● **DATA**:
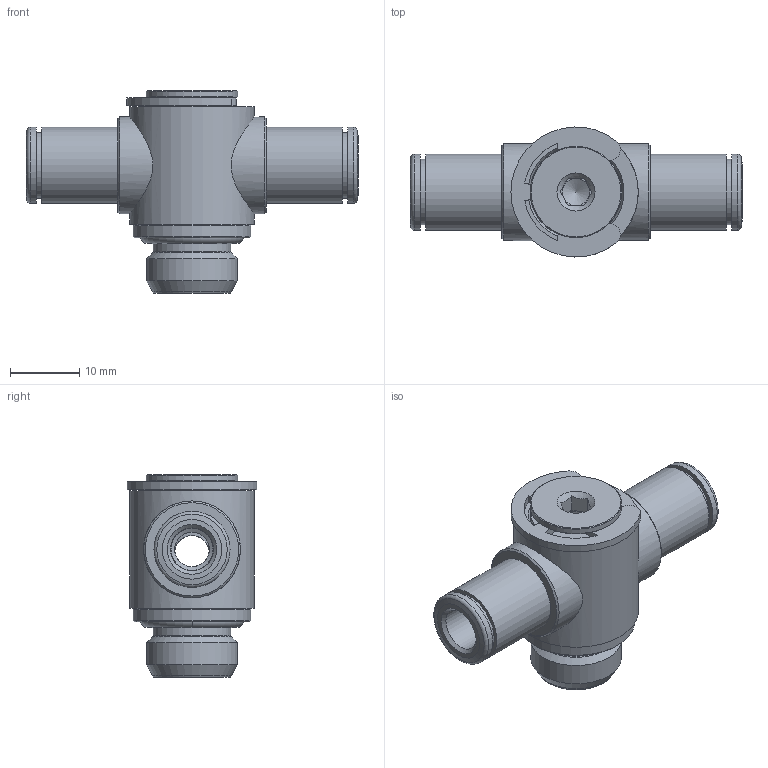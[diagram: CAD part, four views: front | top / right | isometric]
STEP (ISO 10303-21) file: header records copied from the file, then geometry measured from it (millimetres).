
FILE_DESCRIPTION(('Bauteilbeschreibung','HiCAD-Model','HiCAD-STEP-TRANSLATION','Bauteilbeschreibung'),'2;1');
FILE_NAME('B:/ABGLEICH/ZEICHNUNGEN/STEP FÜR INTERNET/STEP/201507_IPSO_016_6_1-4.STP','2011-08-19T11:23:01+00:00',('Konstrukteur'),('Konstrukteur Firma GmbH'),' HiCAD neXt 2008, Step 3.1.1401.2J ','HiCAD neXt 2008','confidential');
FILE_SCHEMA(('AUTOMOTIVE_DESIGN { 1 2 10303 214 0 1 1 1 }'));
Length unit declared in the file: millimetre
Products named in the file (9): A01507_IPSO_016_6_1_4; OR 11_11X1_78; A00053; DR6_1_NEU; DR6010NEU; R201306_N; A14503; A145030; G 1_4
Assembly tree (8 placements, depth 3):
  A01507_IPSO_016_6_1_4
    OR 11_11X1_78
    A00053
    DR6_1_NEU
    DR6010NEU
    R201306_N
    A14503
    A145030
      G 1_4
Bounding box: 48 x 18.79 x 29.3 mm (x, y, z)
Volume: 6650.5 mm3; surface area: 8057.8 mm2
Topology: 7 solids, 7 shells, 130 faces, 285 edges, 175 vertices
Faces by surface type: cylinder 44, plane 41, cone 36, torus 9
Full cylindrical faces by diameter (mm): 4 x1, 5 x4, 6.1 x2, 6.2 x2, 7.8 x1, 8.3 x2, 9 x3, 9.5 x2, 9.6 x2, 11 x4, 11.2 x1, 11.445 x2, 13.157 x1, 13.2 x2, 13.3 x2, 14 x3, 17 x1, 18 x1
Entity records: 9339 total; most frequent: CARTESIAN_POINT 5800, DIRECTION 578, ORIENTED_EDGE 366, AXIS2_PLACEMENT_3D 267, EDGE_LOOP 234, EDGE_CURVE 183, COLOUR_RGB 170, PRESENTATION_STYLE_ASSIGNMENT 170
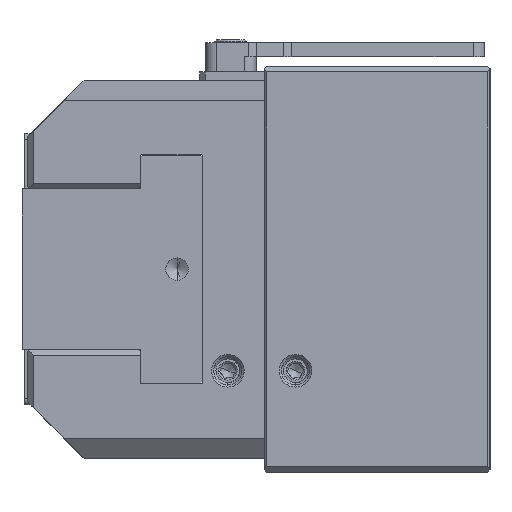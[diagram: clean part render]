
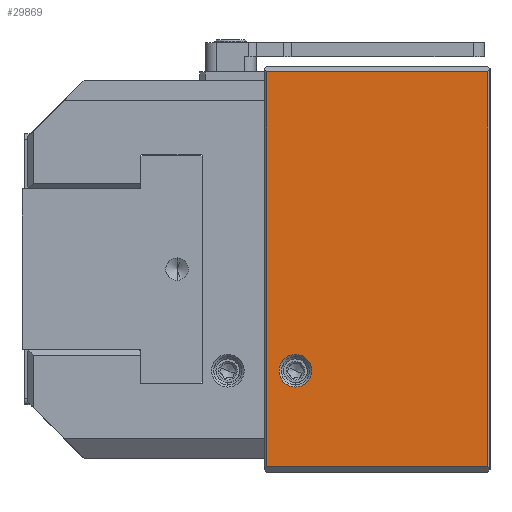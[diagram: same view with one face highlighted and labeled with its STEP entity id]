
A CAD part, left-side view. The second image highlights one B-rep face of the part: STEP entity #29869.
In plain terms, the highlighted planar face has unit normal (-1, 0, 0).
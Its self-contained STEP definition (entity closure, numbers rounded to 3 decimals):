
#2407 = CARTESIAN_POINT ( 'NONE',  ( -60., -0.4, -35. ) ) ;
#3119 = VERTEX_POINT ( 'NONE', #35411 ) ;
#3999 = CARTESIAN_POINT ( 'NONE',  ( -60., -5.5, -15.1 ) ) ;
#7815 = CARTESIAN_POINT ( 'NONE',  ( -60., -5.5, -18. ) ) ;
#8670 = AXIS2_PLACEMENT_3D ( 'NONE', #52430, #33971, #16899 ) ;
#9123 = ORIENTED_EDGE ( 'NONE', *, *, #55326, .F. ) ;
#10907 = CARTESIAN_POINT ( 'NONE',  ( -60., -0.4, -35. ) ) ;
#11487 = DIRECTION ( 'NONE',  ( 0., 0., 1. ) ) ;
#12016 = VECTOR ( 'NONE', #31752, 1000. ) ;
#12388 = ORIENTED_EDGE ( 'NONE', *, *, #35560, .T. ) ;
#13343 = CIRCLE ( 'NONE', #48606, 2.9 ) ;
#16351 = VECTOR ( 'NONE', #51877, 1000. ) ;
#16899 = DIRECTION ( 'NONE',  ( 0., 0., 1. ) ) ;
#18079 = CARTESIAN_POINT ( 'NONE',  ( -60., -40., 35. ) ) ;
#19393 = VERTEX_POINT ( 'NONE', #45418 ) ;
#20203 = FACE_BOUND ( 'NONE', #38553, .T. ) ;
#20325 = DIRECTION ( 'NONE',  ( 0., 0., -1. ) ) ;
#20922 = LINE ( 'NONE', #2407, #29214 ) ;
#21217 = EDGE_CURVE ( 'NONE', #43457, #19393, #41998, .T. ) ;
#21863 = DIRECTION ( 'NONE',  ( 0., 0., 1. ) ) ;
#22578 = VERTEX_POINT ( 'NONE', #35045 ) ;
#23534 = VERTEX_POINT ( 'NONE', #27606 ) ;
#23733 = ORIENTED_EDGE ( 'NONE', *, *, #37154, .T. ) ;
#25358 = LINE ( 'NONE', #30125, #16351 ) ;
#27261 = LINE ( 'NONE', #44366, #12016 ) ;
#27606 = CARTESIAN_POINT ( 'NONE',  ( -60., -39.6, 35. ) ) ;
#29214 = VECTOR ( 'NONE', #20325, 1000. ) ;
#29496 = FACE_OUTER_BOUND ( 'NONE', #39121, .T. ) ;
#29869 = ADVANCED_FACE ( 'NONE', ( #20203, #29496 ), #48292, .T. ) ;
#30125 = CARTESIAN_POINT ( 'NONE',  ( -60., -39.6, 35. ) ) ;
#31752 = DIRECTION ( 'NONE',  ( 0., 1., 0. ) ) ;
#33253 = ORIENTED_EDGE ( 'NONE', *, *, #21217, .F. ) ;
#33971 = DIRECTION ( 'NONE',  ( -1., 0., 0. ) ) ;
#34204 = CARTESIAN_POINT ( 'NONE',  ( -60., -5.5, -18. ) ) ;
#35045 = CARTESIAN_POINT ( 'NONE',  ( -60., -39.6, -35. ) ) ;
#35411 = CARTESIAN_POINT ( 'NONE',  ( -60., -0.4, 35. ) ) ;
#35560 = EDGE_CURVE ( 'NONE', #22578, #23534, #25358, .T. ) ;
#36251 = ORIENTED_EDGE ( 'NONE', *, *, #49317, .F. ) ;
#37154 = EDGE_CURVE ( 'NONE', #23534, #3119, #58956, .T. ) ;
#38553 = EDGE_LOOP ( 'NONE', ( #33253, #36251 ) ) ;
#39121 = EDGE_LOOP ( 'NONE', ( #23733, #39377, #9123, #12388 ) ) ;
#39377 = ORIENTED_EDGE ( 'NONE', *, *, #41084, .T. ) ;
#41062 = DIRECTION ( 'NONE',  ( 0., 1., 0. ) ) ;
#41084 = EDGE_CURVE ( 'NONE', #3119, #48205, #20922, .T. ) ;
#41998 = CIRCLE ( 'NONE', #56285, 2.9 ) ;
#43457 = VERTEX_POINT ( 'NONE', #3999 ) ;
#43732 = DIRECTION ( 'NONE',  ( -1., 0., 0. ) ) ;
#44366 = CARTESIAN_POINT ( 'NONE',  ( -60., -40., -35. ) ) ;
#45418 = CARTESIAN_POINT ( 'NONE',  ( -60., -5.5, -20.9 ) ) ;
#48205 = VERTEX_POINT ( 'NONE', #10907 ) ;
#48292 = PLANE ( 'NONE',  #8670 ) ;
#48606 = AXIS2_PLACEMENT_3D ( 'NONE', #7815, #57965, #21863 ) ;
#49317 = EDGE_CURVE ( 'NONE', #19393, #43457, #13343, .T. ) ;
#51877 = DIRECTION ( 'NONE',  ( 0., 0., 1. ) ) ;
#52430 = CARTESIAN_POINT ( 'NONE',  ( -60., -40., 35. ) ) ;
#55326 = EDGE_CURVE ( 'NONE', #22578, #48205, #27261, .T. ) ;
#56285 = AXIS2_PLACEMENT_3D ( 'NONE', #34204, #43732, #11487 ) ;
#57334 = VECTOR ( 'NONE', #41062, 1000. ) ;
#57965 = DIRECTION ( 'NONE',  ( -1., 0., 0. ) ) ;
#58956 = LINE ( 'NONE', #18079, #57334 ) ;

● **EXERCISE GOAL**: Starting at the line containing "Bounding box: 48 x 18.79 x 29.3 mm (x, y, z)" and finishing at the line containing "[diagram: same view", return those lines exactly as they appear above, without the pictures.

● **ANSWER**:
Bounding box: 48 x 18.79 x 29.3 mm (x, y, z)
Volume: 6650.5 mm3; surface area: 8057.8 mm2
Topology: 7 solids, 7 shells, 130 faces, 285 edges, 175 vertices
Faces by surface type: cylinder 44, plane 41, cone 36, torus 9
Full cylindrical faces by diameter (mm): 4 x1, 5 x4, 6.1 x2, 6.2 x2, 7.8 x1, 8.3 x2, 9 x3, 9.5 x2, 9.6 x2, 11 x4, 11.2 x1, 11.445 x2, 13.157 x1, 13.2 x2, 13.3 x2, 14 x3, 17 x1, 18 x1
Entity records: 9339 total; most frequent: CARTESIAN_POINT 5800, DIRECTION 578, ORIENTED_EDGE 366, AXIS2_PLACEMENT_3D 267, EDGE_LOOP 234, EDGE_CURVE 183, COLOUR_RGB 170, PRESENTATION_STYLE_ASSIGNMENT 170
[diagram: clean part render]
[diagram: same view with one face highlighted and labeled with its STEP entity id]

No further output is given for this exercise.